4.5. Statistical Analysis
For the MTT assay performed on the H295R cell line and the Caco2 cell line, the concentrations of cortisol tested with the ELISA assay, and the percentages of degradation of the S. lateriflora extract components analyzed by RP-UHPLC-PDA-ESI-MS/MS, data were expressed as mean ± standard deviation (SD) from three biological replicates.

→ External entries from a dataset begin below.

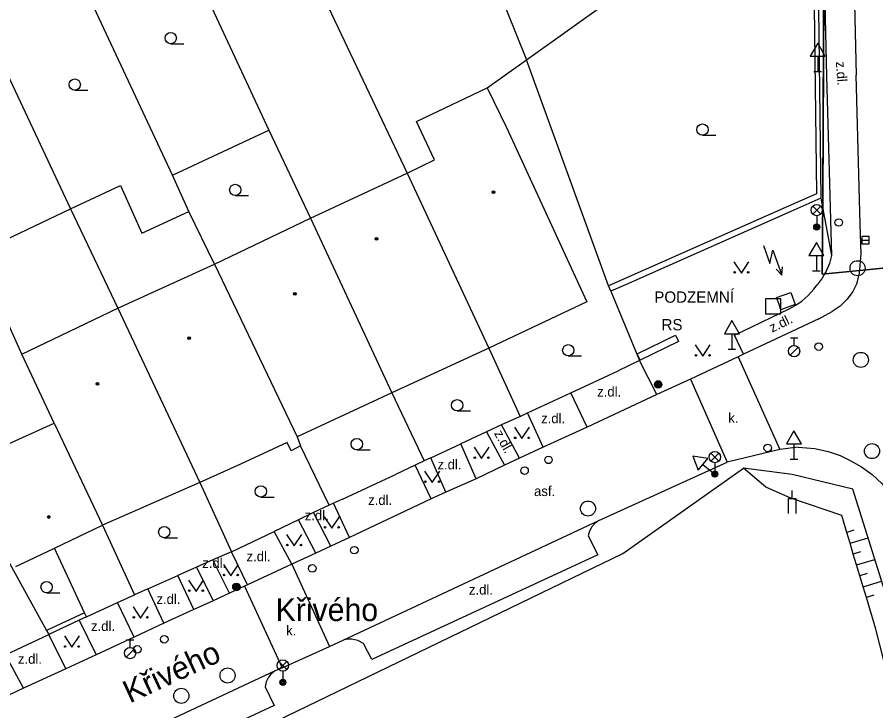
# Model space of a CAD drawing. Extents: x -598233 to -596890, y -1157848 to -1156431.
# Drawn here: x -598078.4 to -598021.4, y -1157106.7 to -1157060.7 of the extents above; entities that cross this region are included whole.
import ezdxf

# ---------------------------------------------------------------- set-up
doc = ezdxf.new("R2010")
doc.units = 0
for name, color, linetype in [('Level 10', 7, 'Continuous'), ('Level 11', 7, 'Continuous'), ('Level 14', 7, 'Continuous'), ('Level 15', 7, 'Continuous'), ('Level 24', 7, 'Continuous'), ('Level 25', 7, 'Continuous'), ('Level 26', 7, 'Continuous'), ('Level 27', 7, 'Continuous'), ('Level 28', 7, 'Continuous'), ('Level 33', 7, 'Continuous'), ('Level 34', 7, 'Continuous'), ('Level 36', 7, 'Continuous'), ('Level 38', 7, 'Continuous'), ('Level 39', 7, 'Continuous'), ('Level 40', 7, 'Continuous'), ('Level 41', 7, 'Continuous'), ('Level 49', 7, 'Continuous'), ('Level 5', 7, 'Continuous'), ('Level 50', 7, 'Continuous'), ('Level 7', 7, 'Continuous'), ('Level 8', 7, 'Continuous'), ('Vrstva 54', 7, 'Continuous'), ('Vrstva 60', 7, 'Continuous')]:
    doc.layers.add(name, color=color, linetype=linetype)

msp = doc.modelspace()

# ---------------------------------------------------------------- linework, layer by layer
at = {"layer": 'Level 10'}
for points in [[(-598023.23, -1157043.6), (-598022.76, -1157064.57)], [(-598022.48, -1157074.47), (-598022.76, -1157064.57)], [(-598022.41, -1157076.43), (-598022.48, -1157074.47)], [(-598022.52, -1157077.71), (-598022.41, -1157076.43)], [(-598022.52, -1157077.71), (-598022.41, -1157076.43)], [(-598022.68, -1157078.35), (-598022.52, -1157077.71)], [(-598022.68, -1157078.35), (-598022.97, -1157078.92), (-598023.35, -1157079.44), (-598023.81, -1157079.89), (-598024.34, -1157080.26)], [(-598025.23, -1157080.74), (-598024.34, -1157080.26)], [(-598025.23, -1157080.74), (-598030.2199, -1157083.08)], [(-598030.58, -1157083.25), (-598033.74, -1157084.73)], [(-598030.2199, -1157083.08), (-598030.58, -1157083.25)], [(-598033.74, -1157084.73), (-598035.98, -1157085.76)], [(-598035.98, -1157085.76), (-598040.61, -1157087.93)], [(-598040.61, -1157087.93), (-598043.53, -1157089.25)], [(-598043.53, -1157089.25), (-598045.09, -1157089.98)], [(-598027.82, -1157089.4), (-598031.32, -1157090.24)], [(-598026.59, -1157089.25), (-598027.82, -1157089.4)], [(-598026.59, -1157089.25), (-598025.5, -1157089.33), (-598024.62, -1157089.53), (-598023.81, -1157089.79), (-598023.15, -1157090.13), (-598022.39, -1157090.55), (-598021.68, -1157091.06), (-598021.05, -1157091.65), (-598020.49, -1157092.32)], [(-598045.09, -1157089.98), (-598046.08, -1157090.45)], [(-598039.83, -1157094.11), (-598031.32, -1157090.24)], [(-598046.08, -1157090.45), (-598047.9699, -1157091.34)], [(-598047.9699, -1157091.34), (-598049.98, -1157092.24)], [(-598049.98, -1157092.24), (-598050.95, -1157092.68)], [(-598050.95, -1157092.68), (-598056.38, -1157095.23)], [(-598056.76, -1157102.02), (-598039.83, -1157094.11)], [(-598056.38, -1157095.23), (-598057.62, -1157095.81)], [(-598057.62, -1157095.81), (-598058.62, -1157096.27)], [(-598058.62, -1157096.27), (-598060.2, -1157097)], [(-598060.2, -1157097), (-598063.15, -1157098.38)], [(-598063.34, -1157098.46), (-598064.34, -1157098.93)], [(-598063.15, -1157098.38), (-598063.34, -1157098.46)], [(-598064.34, -1157098.93), (-598065.43, -1157099.44)], [(-598065.43, -1157099.44), (-598066.7, -1157100.01)], [(-598066.7, -1157100.01), (-598068.7, -1157100.92)], [(-598068.7, -1157100.92), (-598070.6599, -1157101.84)], [(-598070.6599, -1157101.84), (-598073.19, -1157103.03)], [(-598057.7, -1157102.46), (-598056.76, -1157102.02)], [(-598060.85, -1157103.88), (-598057.7, -1157102.46)], [(-598073.19, -1157103.03), (-598075.2, -1157103.95)], [(-598061.29, -1157104.07), (-598060.85, -1157103.88)], [(-598075.2, -1157103.95), (-598078.02, -1157105.24)], [(-598073.24, -1157109.65), (-598061.29, -1157104.07)], [(-598078.02, -1157105.24), (-598079.84, -1157106.1)]]:
    msp.add_lwpolyline(points, dxfattribs=at)
at = {"layer": 'Level 11'}
for points in [[(-598029.1599, -1157039.71), (-598027.87, -1157040.27), (-598026.67, -1157041.27), (-598025.83, -1157042.49), (-598025.38, -1157043.53), (-598025.19, -1157044.38), (-598024.71, -1157064.65)], [(-598029.1599, -1157039.71), (-598027.87, -1157040.27), (-598026.67, -1157041.27), (-598025.83, -1157042.49), (-598025.38, -1157043.53), (-598025.19, -1157044.38), (-598024.71, -1157064.65)], [(-598064.9099, -1157045.04), (-598052.54, -1157071.07)], [(-598071.09, -1157048.14), (-598061.73, -1157068.2199)], [(-598068.13, -1157071.2199), (-598077.39, -1157051.4)], [(-598083.78, -1157054.53), (-598074.89, -1157073.45)], [(-598044.64, -1157063.56), (-598039.23, -1157059.7199)], [(-598047.25, -1157065.4099), (-598044.64, -1157063.56)], [(-598024.71, -1157064.65), (-598024.39, -1157076.54)], [(-598068.13, -1157071.2199), (-598061.73, -1157068.2199)], [(-598061.73, -1157068.2199), (-598058.96, -1157074.07)], [(-598067.04, -1157073.61), (-598068.13, -1157071.2199)], [(-598074.89, -1157073.45), (-598071.57, -1157071.9), (-598070.17, -1157075.05), (-598067.04, -1157073.61)], [(-598025.09, -1157072.74), (-598024.39, -1157076.54)], [(-598025.09, -1157072.74), (-598024.39, -1157076.54)], [(-598078.12, -1157083.07), (-598081.13, -1157076.4099), (-598074.89, -1157073.45)], [(-598074.89, -1157073.45), (-598071.75, -1157080.04)], [(-598065.33, -1157077.12), (-598067.04, -1157073.61)], [(-598024.39, -1157076.54), (-598024.53, -1157077.07)], [(-598024.53, -1157077.07), (-598024.74, -1157077.57)], [(-598024.74, -1157077.57), (-598024.81, -1157077.69), (-598025.01, -1157078.04), (-598025.34, -1157078.48)], [(-598024.74, -1157077.57), (-598024.81, -1157077.69), (-598025.01, -1157078.04), (-598025.34, -1157078.48)], [(-598030.2199, -1157083.08), (-598030.82, -1157081.81), (-598027.2, -1157080.07), (-598026.75, -1157079.82), (-598026.33, -1157079.54), (-598025.93, -1157079.18), (-598025.56, -1157078.78), (-598025.34, -1157078.48)], [(-598030.58, -1157083.25), (-598027.82, -1157089.4)], [(-598035.98, -1157085.76), (-598037.12, -1157083.51)], [(-598033.74, -1157084.73), (-598031.32, -1157090.24)], [(-598040.61, -1157087.93), (-598041.69, -1157085.64)], [(-598043.53, -1157089.25), (-598044.57, -1157086.98)], [(-598045.09, -1157089.98), (-598046.28, -1157087.77)], [(-598047.28, -1157088.24), (-598046.08, -1157090.45)], [(-598047.9699, -1157091.34), (-598048.99, -1157089.03)], [(-598049.98, -1157092.24), (-598050.99, -1157089.96)], [(-598117.4, -1157134.54), (-598038.23, -1157096.29), (-598030.2199, -1157090.63)], [(-598050.95, -1157092.68), (-598052.02, -1157090.44)], [(-598022.98, -1157092.03), (-598026.99, -1157091.05), (-598030.2199, -1157090.63)], [(-598016.79, -1157115.02), (-598020.01, -1157101.48), (-598022.98, -1157092.03)], [(-598056.38, -1157095.23), (-598057.44, -1157092.9699)], [(-598057.62, -1157095.81), (-598058.76, -1157093.59)], [(-598058.62, -1157096.27), (-598059.76, -1157094.07)], [(-598039.83, -1157094.11), (-598040.09, -1157094.31), (-598040.29, -1157094.54), (-598040.44, -1157094.82), (-598040.53, -1157095.13), (-598039.89, -1157096.39), (-598054.89, -1157103.34), (-598055.44, -1157102.27), (-598055.83, -1157102.07), (-598056.2199, -1157101.99), (-598056.49, -1157101.98), (-598056.76, -1157102.02)], [(-598060.2, -1157097), (-598061.38, -1157094.84)], [(-598073.96, -1157100.24), (-598075.96, -1157095.94)], [(-598063.15, -1157098.38), (-598064.21, -1157096.19)], [(-598064.34, -1157098.93), (-598065.44, -1157096.73)], [(-598060.2, -1157097), (-598057.7, -1157102.46)], [(-598066.54, -1157097.21), (-598065.43, -1157099.44)], [(-598066.7, -1157100.01), (-598067.76, -1157097.75)], [(-598068.7, -1157100.92), (-598069.77, -1157098.64)], [(-598063.34, -1157098.46), (-598060.85, -1157103.88)], [(-598070.6599, -1157101.84), (-598071.77, -1157099.55)], [(-598074.31, -1157100.73), (-598073.19, -1157103.03)], [(-598075.2, -1157103.95), (-598076.34, -1157101.68)], [(-598078.02, -1157105.24), (-598079.2, -1157103.02)], [(-598061.29, -1157104.07), (-598061.6, -1157104.3), (-598061.76, -1157104.51), (-598061.9099, -1157104.82), (-598061.9699, -1157105.14), (-598061.38, -1157106.39), (-598071.35, -1157111.02), (-598071.92, -1157109.84), (-598072.24, -1157109.6599), (-598072.59, -1157109.57), (-598072.85, -1157109.56), (-598073.24, -1157109.65)]]:
    msp.add_lwpolyline(points, dxfattribs=at)
at = {"layer": 'Level 14'}
msp.add_lwpolyline([(-598016.79, -1157115.02), (-598017.94, -1157115.01), (-598021.44, -1157101.31), (-598022.07, -1157099.21), (-598022.29, -1157098.5), (-598022.51, -1157097.78), (-598022.7199, -1157097.06), (-598022.94, -1157096.34), (-598023.15, -1157095.62), (-598023.37, -1157094.9099), (-598023.71, -1157093.78), (-598027.09, -1157092.63), (-598028.75, -1157091.89), (-598030.2199, -1157090.63)], dxfattribs=at)
at = {"layer": 'Level 15'}
for points in [[(-598022.9, -1157094.76), (-598023.37, -1157094.9099)], [(-598023.15, -1157095.62), (-598021.96, -1157095.26)], [(-598022.46, -1157096.2), (-598022.94, -1157096.34)], [(-598022.7199, -1157097.06), (-598021.51, -1157096.7)], [(-598022.02, -1157097.63), (-598022.51, -1157097.78)], [(-598022.29, -1157098.5), (-598021.06, -1157098.13)], [(-598021.58, -1157099.07), (-598022.07, -1157099.21)]]:
    msp.add_lwpolyline(points, dxfattribs=at)
at = {"layer": 'Level 24'}
for points in [[(-598028.03, -1157079.33), (-598027.09, -1157078.99)], [(-598027.89, -1157079.73), (-598028.03, -1157079.33)], [(-598027.09, -1157078.99), (-598026.81, -1157079.79)], [(-598027.75, -1157080.13), (-598027.89, -1157079.73)], [(-598026.81, -1157079.79), (-598027.75, -1157080.13)], [(-598037.29, -1157083.05), (-598034.74, -1157081.83), (-598034.55, -1157082.24), (-598037.08, -1157083.4699), (-598037.29, -1157083.05)]]:
    msp.add_lwpolyline(points, dxfattribs=at)
at = {"layer": 'Level 25'}
for centre, radius in [((-598035.89, -1157085.09), 0.25), ((-598035.89, -1157085.09), 0.2), ((-598035.89, -1157085.09), 0.15), ((-598035.89, -1157085.09), 0.1), ((-598035.89, -1157085.09), 0.05), ((-598063.88, -1157098.52), 0.25), ((-598063.88, -1157098.52), 0.2), ((-598063.88, -1157098.52), 0.15), ((-598063.88, -1157098.52), 0.1), ((-598063.88, -1157098.52), 0.05)]:
    msp.add_circle(centre, radius, dxfattribs=at)
at = {"layer": 'Level 26'}
msp.add_lwpolyline([(-598028.76, -1157080.4099), (-598027.76, -1157080.4099), (-598027.76, -1157079.4099), (-598028.76, -1157079.4099)], close=True, dxfattribs=at)
at = {"layer": 'Level 27'}
msp.add_line((-598022.38, -1157075.52), (-598021.88, -1157075.52), dxfattribs=at)
msp.add_lwpolyline([(-598022.38, -1157075.77), (-598021.88, -1157075.77), (-598021.88, -1157075.27), (-598022.38, -1157075.27)], close=True, dxfattribs=at)
for centre in [(-598022.66, -1157077.38), (-598022.44, -1157083.46), (-598021.7, -1157089.51), (-598040.55, -1157093.32), (-598064.4699, -1157104.39), (-598067.54, -1157105.74)]:
    msp.add_circle(centre, 0.5, dxfattribs=at)
at = {"layer": 'Level 28'}
for p, q in [((-598027.12, -1157082.005), (-598026.62, -1157082.005)), ((-598026.87, -1157082.505), (-598026.87, -1157082.005)), ((-598027.128, -1157083.152), (-598026.598, -1157082.622)), ((-598071.19, -1157102.025), (-598070.69, -1157102.025)), ((-598070.94, -1157102.525), (-598070.94, -1157102.025)), ((-598071.198, -1157103.172), (-598070.668, -1157102.642))]:
    msp.add_line(p, q, dxfattribs=at)
for centre, radius in [((-598023.91, -1157074.35), 0.25), ((-598026.87, -1157082.88), 0.375), ((-598025.24, -1157082.58), 0.25), ((-598028.62, -1157089.3), 0.25), ((-598043.17, -1157090.09), 0.25), ((-598044.76, -1157090.8), 0.25), ((-598056.06, -1157096.08), 0.25), ((-598058.85, -1157097.29), 0.25), ((-598068.67, -1157101.99), 0.25), ((-598070.94, -1157102.9), 0.375), ((-598070.46, -1157102.6599), 0.25)]:
    msp.add_circle(centre, radius, dxfattribs=at)
at = {"layer": 'Level 33'}
for p, q in [((-598025.635, -1157073.79), (-598025.105, -1157073.26)), ((-598025.635, -1157073.26), (-598025.105, -1157073.79)), ((-598025.37, -1157073.9), (-598025.37, -1157074.65)), ((-598032.395, -1157090.17), (-598031.865, -1157089.64)), ((-598032.395, -1157089.64), (-598031.865, -1157090.17)), ((-598032.13, -1157090.28), (-598032.13, -1157091.03)), ((-598061.065, -1157103.99), (-598060.535, -1157103.46)), ((-598061.065, -1157103.46), (-598060.535, -1157103.99)), ((-598060.8, -1157104.1), (-598060.8, -1157104.85))]:
    msp.add_line(p, q, dxfattribs=at)
for centre, radius in [((-598025.37, -1157073.525), 0.375), ((-598025.37, -1157074.65), 0.2), ((-598025.37, -1157074.65), 0.1445), ((-598025.37, -1157074.65), 0.0876), ((-598032.13, -1157089.905), 0.375), ((-598032.13, -1157091.03), 0.2), ((-598032.13, -1157091.03), 0.1445), ((-598032.13, -1157091.03), 0.0876), ((-598060.8, -1157103.725), 0.375), ((-598060.8, -1157104.85), 0.2), ((-598060.8, -1157104.85), 0.1445), ((-598060.8, -1157104.85), 0.0876)]:
    msp.add_circle(centre, radius, dxfattribs=at)
at = {"layer": 'Level 34'}
for p, q in [((-598025.3, -1157063.322), (-598025.3, -1157064.34)), ((-598025.55, -1157064.34), (-598025.05, -1157064.34)), ((-598025.39, -1157076.542), (-598025.39, -1157077.56)), ((-598025.64, -1157077.56), (-598025.14, -1157077.56)), ((-598031, -1157081.722), (-598031, -1157082.74)), ((-598031.25, -1157082.74), (-598030.75, -1157082.74)), ((-598026.88, -1157089.022), (-598026.88, -1157090.04)), ((-598027.13, -1157090.04), (-598026.63, -1157090.04)), ((-598032.9208, -1157090.3889), (-598032.13, -1157091.03)), ((-598032.2874, -1157091.2242), (-598031.9726, -1157090.8358))]:
    msp.add_line(p, q, dxfattribs=at)
for points in [[(-598025.8, -1157063.322), (-598024.8, -1157063.322), (-598025.3, -1157062.456)], [(-598025.89, -1157076.542), (-598024.89, -1157076.542), (-598025.39, -1157075.676)], [(-598031.5, -1157081.722), (-598030.5, -1157081.722), (-598031, -1157080.856)], [(-598027.38, -1157089.022), (-598026.38, -1157089.022), (-598026.88, -1157088.156)], [(-598033.2357, -1157090.7773), (-598032.6059, -1157090.0005), (-598033.5935, -1157089.8436)]]:
    msp.add_lwpolyline(points, close=True, dxfattribs=at)
at = {"layer": 'Level 36'}
for p, q in [((-598068.24, -1157062.495), (-598067.365, -1157062.495)), ((-598074.61, -1157065.575), (-598073.735, -1157065.575)), ((-598032.95, -1157068.565), (-598032.075, -1157068.565)), ((-598063.96, -1157072.565), (-598063.085, -1157072.565)), ((-598041.86, -1157083.195), (-598040.985, -1157083.195)), ((-598049.23, -1157086.845), (-598048.355, -1157086.845)), ((-598055.89, -1157089.425), (-598055.015, -1157089.425)), ((-598062.26, -1157092.555), (-598061.385, -1157092.555)), ((-598068.67, -1157095.255), (-598067.795, -1157095.255)), ((-598076.48, -1157098.905), (-598075.605, -1157098.905))]:
    msp.add_line(p, q, dxfattribs=at)
for points in [[(-598028.91, -1157075.88), (-598028.4895, -1157077.0571), (-598028.2709, -1157076.1826), (-598027.6822, -1157077.8306)], [(-598030.87, -1157076.95), (-598030.37, -1157077.7), (-598029.87, -1157076.95)], [(-598028.0529, -1157077.4438), (-598027.6822, -1157077.8306), (-598027.6404, -1157077.2964)], [(-598033.43, -1157082.46), (-598032.93, -1157083.21), (-598032.43, -1157082.46)], [(-598045.43, -1157087.93), (-598044.93, -1157088.68), (-598044.43, -1157087.93)], [(-598048.11, -1157089.25), (-598047.61, -1157090), (-598047.11, -1157089.25)], [(-598051.39, -1157090.84), (-598050.89, -1157091.59), (-598050.39, -1157090.84)], [(-598058.05, -1157093.86), (-598057.55, -1157094.61), (-598057.05, -1157093.86)], [(-598060.55, -1157095.04), (-598060.05, -1157095.79), (-598059.55, -1157095.04)], [(-598064.75, -1157097.03), (-598064.25, -1157097.78), (-598063.75, -1157097.03)], [(-598067.06, -1157098.06), (-598066.56, -1157098.81), (-598066.06, -1157098.06)], [(-598070.74, -1157099.83), (-598070.24, -1157100.58), (-598069.74, -1157099.83)], [(-598075.3, -1157101.77), (-598074.8, -1157102.52), (-598074.3, -1157101.77)]]:
    msp.add_lwpolyline(points, dxfattribs=at)
for centre, radius in [((-598068.2401, -1157062.1199), 0.375), ((-598074.6101, -1157065.1999), 0.375), ((-598032.9501, -1157068.1899), 0.375), ((-598063.9601, -1157072.1899), 0.375), ((-598030.8202, -1157077.6498), 0.05), ((-598029.9208, -1157077.6498), 0.05), ((-598041.8601, -1157082.8199), 0.375), ((-598033.3802, -1157083.1598), 0.05), ((-598032.4808, -1157083.1598), 0.05), ((-598049.2301, -1157086.4699), 0.375), ((-598055.8901, -1157089.0499), 0.375), ((-598045.3802, -1157088.6298), 0.05), ((-598044.4808, -1157088.6298), 0.05), ((-598048.0602, -1157089.9498), 0.05), ((-598047.1608, -1157089.9498), 0.05), ((-598062.2601, -1157092.1799), 0.375), ((-598051.3402, -1157091.5398), 0.05), ((-598050.4408, -1157091.5398), 0.05), ((-598068.6701, -1157094.8799), 0.375), ((-598058.0002, -1157094.5598), 0.05), ((-598057.1008, -1157094.5598), 0.05), ((-598060.5002, -1157095.7398), 0.05), ((-598059.6008, -1157095.7398), 0.05), ((-598076.4801, -1157098.5299), 0.375), ((-598064.7002, -1157097.7298), 0.05), ((-598063.8008, -1157097.7298), 0.05), ((-598067.0102, -1157098.7598), 0.05), ((-598066.1108, -1157098.7598), 0.05), ((-598070.6902, -1157100.5298), 0.05), ((-598069.7908, -1157100.5298), 0.05), ((-598075.2502, -1157102.4698), 0.05), ((-598074.3508, -1157102.4698), 0.05)]:
    msp.add_circle(centre, radius, dxfattribs=at)
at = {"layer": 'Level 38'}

Concerning the viability percentages of the H295R cell line and the Caco2 cell line, and the concentrations of cortisol, the statistical comparison among groups was conducted using one-way ANOVA followed by Dunnett’s post hoc test for multiple comparisons to determine significance, which was set to p < 0.05. The statistical analyses were performed using GraphPad Prism, version 8 (San Diego, CA, USA).